BEGIN RECORDS TO USE

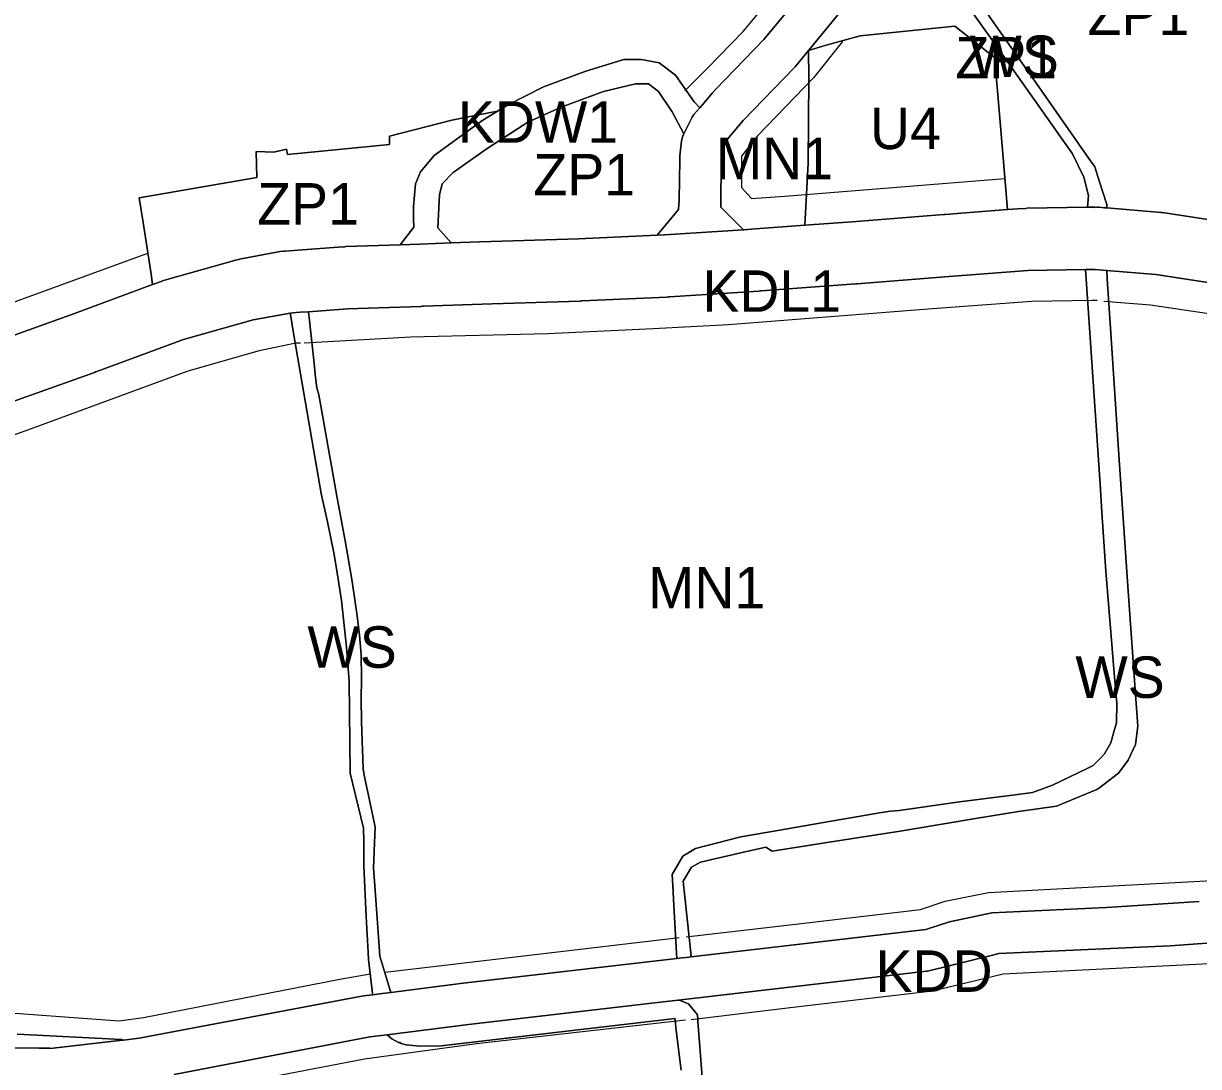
# Model space of a CAD drawing. Extents: x -284239 to -281592, y 34477 to 37267.
# Drawn here: x -282826.9 to -282543.7, y 34838 to 35089.5 of the extents above; entities that cross this region are included whole.
import ezdxf

# ---------------------------------------------------------------- set-up
doc = ezdxf.new("R2010")
doc.units = 0
for name, color, linetype in [('linie_rozgraniczajace', 7, 'Continuous'), ('linie_zabudowy_nieprzekraczalne', 7, 'Continuous'), ('oznaczenia_przeznaczen', 7, 'Continuous')]:
    doc.layers.add(name, color=color, linetype=linetype)

msp = doc.modelspace()

# ---------------------------------------------------------------- linework, layer by layer
at = {"layer": 'linie_rozgraniczajace'}
for points in [[(-282538.772, 35041.859), (-282551.853, 35043.871), (-282552.485, 35043.919), (-282552.668, 35043.964), (-282565.789, 35045.041), (-282565.808, 35045.885), (-282567.621, 35051.609), (-282568.68, 35054.953), (-282570.111, 35056.996), (-282581.07, 35072.638), (-282596.617, 35094.828), (-282609.755, 35113.582), (-282611.572, 35116.175), (-282614.042, 35117.421), (-282613.08, 35119.3), (-282610.133, 35128.196), (-282610.093, 35128.446), (-282609.945, 35128.969), (-282609.48, 35131.862), (-282600.308, 35133.065), (-282582.987, 35130.277), (-282556.202, 35125.799), (-282541.458, 35123.137)], [(-282636.922, 35099.643), (-282648.507, 35085.628), (-282660.041, 35073.649), (-282660.748, 35072.912), (-282660.948, 35072.694), (-282662.897, 35070.406), (-282663.908, 35069.219), (-282665.305, 35070.667), (-282669.735, 35077.066), (-282673.673, 35080.019), (-282677.938, 35080.84), (-282682.204, 35080.84), (-282691.392, 35078.05), (-282701.564, 35074.277), (-282710.26, 35069.847), (-282712.69, 35068.377), (-282717.657, 35067.445), (-282723.695, 35066.188), (-282738.74, 35062.356), (-282738.74, 35060.369), (-282763.295, 35057.956), (-282763.579, 35059.233), (-282766.56, 35058.524), (-282770.818, 35058.666), (-282770.676, 35052.42), (-282799.063, 35047.453), (-282798.07, 35041.491), (-282796.151, 35029.084), (-282795.832, 35026.541), (-282814.671, 35019.595), (-282837.032, 35011.566)], [(-282668.901, 35047.034), (-282668.738, 35056.643), (-282668.728, 35057.133), (-282668.702, 35057.574), (-282668.467, 35059.747), (-282668.32, 35061.107), (-282667.968, 35062.483), (-282667.876, 35062.622), (-282667.844, 35062.76), (-282667.767, 35062.918), (-282666.029, 35066.484), (-282665.714, 35066.927), (-282665.341, 35067.537), (-282663.908, 35069.219), (-282662.897, 35070.406), (-282660.948, 35072.694), (-282660.748, 35072.912), (-282660.041, 35073.649), (-282648.507, 35085.628), (-282636.922, 35099.643)], [(-282601.055, 35096.293), (-282592.555, 35084.274), (-282574.041, 35058.096), (-282571.344, 35052.434), (-282570.211, 35048.055), (-282570.476, 35045.195), (-282585.089, 35044.976), (-282585.653, 35044.859), (-282586.085, 35044.928), (-282589.712, 35044.647), (-282591.028, 35060.038), (-282592.158, 35073.29), (-282592.877, 35081.302), (-282602.43, 35088.904), (-282625.235, 35086.541), (-282633.479, 35084.274), (-282637.707, 35082.998), (-282637.614, 35083.111), (-282629.078, 35093.436)], [(-282596.617, 35094.828), (-282581.07, 35072.638), (-282570.111, 35056.996), (-282568.68, 35054.953), (-282567.621, 35051.609), (-282565.808, 35045.885), (-282565.789, 35045.041), (-282566.389, 35045.09), (-282567.683, 35045.196), (-282568.152, 35045.216), (-282568.414, 35045.163), (-282568.715, 35045.221), (-282568.756, 35045.22), (-282570.476, 35045.195), (-282570.211, 35048.055), (-282571.344, 35052.434), (-282574.041, 35058.096), (-282592.555, 35084.274), (-282601.055, 35096.293)], [(-282629.078, 35093.436), (-282637.614, 35083.111), (-282637.707, 35082.998), (-282640.92, 35079.111), (-282641.166, 35078.838), (-282653.434, 35066.093), (-282657.317, 35061.535), (-282658.472, 35059.165), (-282658.736, 35056.724), (-282658.852, 35045.263), (-282653.355, 35039.783), (-282672.385, 35038.548), (-282674.156, 35038.466), (-282669.063, 35044.635), (-282668.901, 35047.034)], [(-282837.032, 35011.566), (-282814.671, 35019.595), (-282795.832, 35026.541), (-282793.481, 35027.408), (-282793.409, 35027.421), (-282792.651, 35027.684), (-282775.484, 35032.544), (-282775.106, 35032.596), (-282774.505, 35032.774), (-282765.096, 35034.508), (-282764.222, 35034.588), (-282763.97, 35034.648), (-282750.06, 35035.661), (-282749.715, 35035.606), (-282749.253, 35035.706), (-282736.104, 35036.152), (-282731.441, 35036.31), (-282723.81, 35036.586), (-282714.78, 35036.912), (-282714.537, 35036.868), (-282714.25, 35036.93), (-282693.162, 35037.592), (-282674.156, 35038.466), (-282672.385, 35038.548), (-282653.355, 35039.783), (-282650.478, 35039.97), (-282638.574, 35040.847), (-282627.184, 35041.686), (-282605.073, 35043.458), (-282604.857, 35043.467), (-282604.806, 35043.479), (-282589.712, 35044.647), (-282586.085, 35044.928), (-282585.653, 35044.859), (-282585.089, 35044.976), (-282570.476, 35045.195), (-282568.756, 35045.22), (-282568.715, 35045.221), (-282568.414, 35045.163), (-282568.152, 35045.216), (-282567.683, 35045.196), (-282566.389, 35045.09), (-282565.789, 35045.041), (-282552.668, 35043.964), (-282552.485, 35043.919), (-282551.853, 35043.871), (-282538.772, 35041.859)], [(-282540.909, 35027.007), (-282553.966, 35029.016), (-282565.817, 35029.989), (-282566.718, 35030.063), (-282568.599, 35030.217), (-282568.758, 35030.214), (-282570.941, 35030.182), (-282584.867, 35029.973), (-282603.835, 35028.505), (-282625.96, 35026.732), (-282626.204, 35026.722), (-282626.257, 35026.709), (-282649.117, 35025.025), (-282649.349, 35025.063), (-282649.679, 35024.986), (-282671.197, 35023.589), (-282671.474, 35023.635), (-282671.842, 35023.553), (-282692.252, 35022.614), (-282692.528, 35022.662), (-282692.863, 35022.59), (-282713.987, 35021.927), (-282730.638, 35021.325), (-282730.872, 35021.367), (-282731.148, 35021.307), (-282748.823, 35020.707), (-282758.255, 35020.02), (-282760.232, 35019.876), (-282761.234, 35019.803), (-282762.663, 35019.699), (-282762.669, 35019.698), (-282771.569, 35018.058), (-282788.356, 35013.306), (-282809.302, 35005.583), (-282809.616, 35005.527), (-282809.83, 35005.391), (-282832.188, 34997.363)], [(-282543.51, 34877.775), (-282565.868, 34876.32), (-282593.517, 34874.997), (-282603.703, 34872.88), (-282609.448, 34870.987), (-282665.966, 34864.424), (-282665.984, 34864.6), (-282667.9, 34882.68), (-282665.91, 34886.04), (-282663.78, 34887.28), (-282653.67, 34889.59), (-282648.01, 34890.89), (-282646.44, 34889.88), (-282632.697, 34892.056), (-282615.62, 34894.76), (-282612.73, 34895.236), (-282597.435, 34897.755), (-282587.087, 34899.459), (-282577.95, 34900.8), (-282570.905, 34903.648), (-282568.18, 34904.75), (-282567.496, 34905.226), (-282562.992, 34908.709), (-282560.66, 34911.84), (-282558.87, 34915.67), (-282558.32, 34920.09), (-282558.942, 34928.854), (-282560.711, 34953.781), (-282561.94, 34971.307), (-282562.798, 34984.257), (-282564.898, 35016.044), (-282565.681, 35027.927), (-282565.817, 35029.989), (-282553.966, 35029.016), (-282540.909, 35027.007)], [(-282832.188, 34997.363), (-282809.83, 35005.391), (-282809.616, 35005.527), (-282809.302, 35005.583), (-282788.356, 35013.306), (-282771.569, 35018.058), (-282762.669, 35019.698), (-282762.663, 35019.699), (-282762.6, 35019.32), (-282761.662, 35013.864), (-282758.538, 34995.679), (-282755.19, 34976.18), (-282753.668, 34969.325), (-282752.02, 34961.45), (-282751.305, 34957.045), (-282750.319, 34950.339), (-282749.055, 34939.138), (-282748.417, 34930.909), (-282748.16, 34908.75), (-282746.241, 34900.76), (-282744.97, 34895.47), (-282744.941, 34892.203), (-282744.89, 34886.34), (-282744.301, 34874.157), (-282743.88, 34865.459), (-282743.8, 34863.81), (-282742.78, 34855.598), (-282742.739, 34855.269), (-282744.977, 34854.985), (-282799.031, 34844.77), (-282802.811, 34844.343), (-282803.33, 34844.5), (-282828.459, 34845.767)], [(-282838.174, 34842.487), (-282823.206, 34842.374), (-282820.965, 34842.357), (-282820.58, 34842.354), (-282820.527, 34842.344), (-282804.567, 34844.145), (-282802.811, 34844.343), (-282799.031, 34844.77), (-282744.977, 34854.985), (-282742.739, 34855.269), (-282740.517, 34855.552), (-282739.753, 34855.649), (-282738.383, 34855.823), (-282720.918, 34858.043), (-282669.438, 34864.021), (-282668.271, 34864.156), (-282667.163, 34864.285), (-282665.966, 34864.424), (-282609.448, 34870.987), (-282603.703, 34872.88), (-282593.517, 34874.997), (-282565.868, 34876.32), (-282543.51, 34877.775)], [(-282538.351, 34867.985), (-282550.522, 34867.059), (-282591.797, 34865.207), (-282592.727, 34865.009), (-282608.995, 34860.974), (-282609.061, 34860.999), (-282609.222, 34860.946), (-282669.118, 34853.991), (-282672.028, 34853.653), (-282719.71, 34848.116), (-282739.297, 34845.626), (-282743.417, 34845.102), (-282790.654, 34836.076)], [(-282662.112, 34819.789), (-282663.971, 34843.747), (-282664.365, 34848.828), (-282664.406, 34849.352), (-282664.49, 34850.44), (-282666.626, 34853.078), (-282668.87, 34853.94), (-282669.118, 34853.991), (-282609.222, 34860.946), (-282609.061, 34860.999), (-282608.995, 34860.974), (-282592.727, 34865.009), (-282591.797, 34865.207), (-282550.522, 34867.059), (-282538.351, 34867.985)], [(-282668.44, 34837.11), (-282669.71, 34847.3), (-282669.861, 34849.523), (-282726.25, 34842.984), (-282731.432, 34842.906), (-282734.73, 34843.22), (-282735.908, 34843.534), (-282736.201, 34843.729), (-282736.573, 34843.782), (-282738.115, 34844.655), (-282739.297, 34845.626), (-282719.71, 34848.116), (-282672.028, 34853.653), (-282669.118, 34853.991), (-282668.87, 34853.94), (-282666.626, 34853.078), (-282664.49, 34850.44), (-282664.406, 34849.352), (-282664.365, 34848.828), (-282663.971, 34843.747), (-282662.112, 34819.789)], [(-282790.654, 34836.076), (-282743.417, 34845.102), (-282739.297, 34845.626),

END RECORDS TO USE

Your answer must be the lines from the opening line of the entries through the line holding "doc.units = 0", written out exactly and without any picture.

# Model space of a CAD drawing. Extents: x -284239 to -281592, y 34477 to 37267.
# Drawn here: x -282826.9 to -282543.7, y 34838 to 35089.5 of the extents above; entities that cross this region are included whole.
import ezdxf

# ---------------------------------------------------------------- set-up
doc = ezdxf.new("R2010")
doc.units = 0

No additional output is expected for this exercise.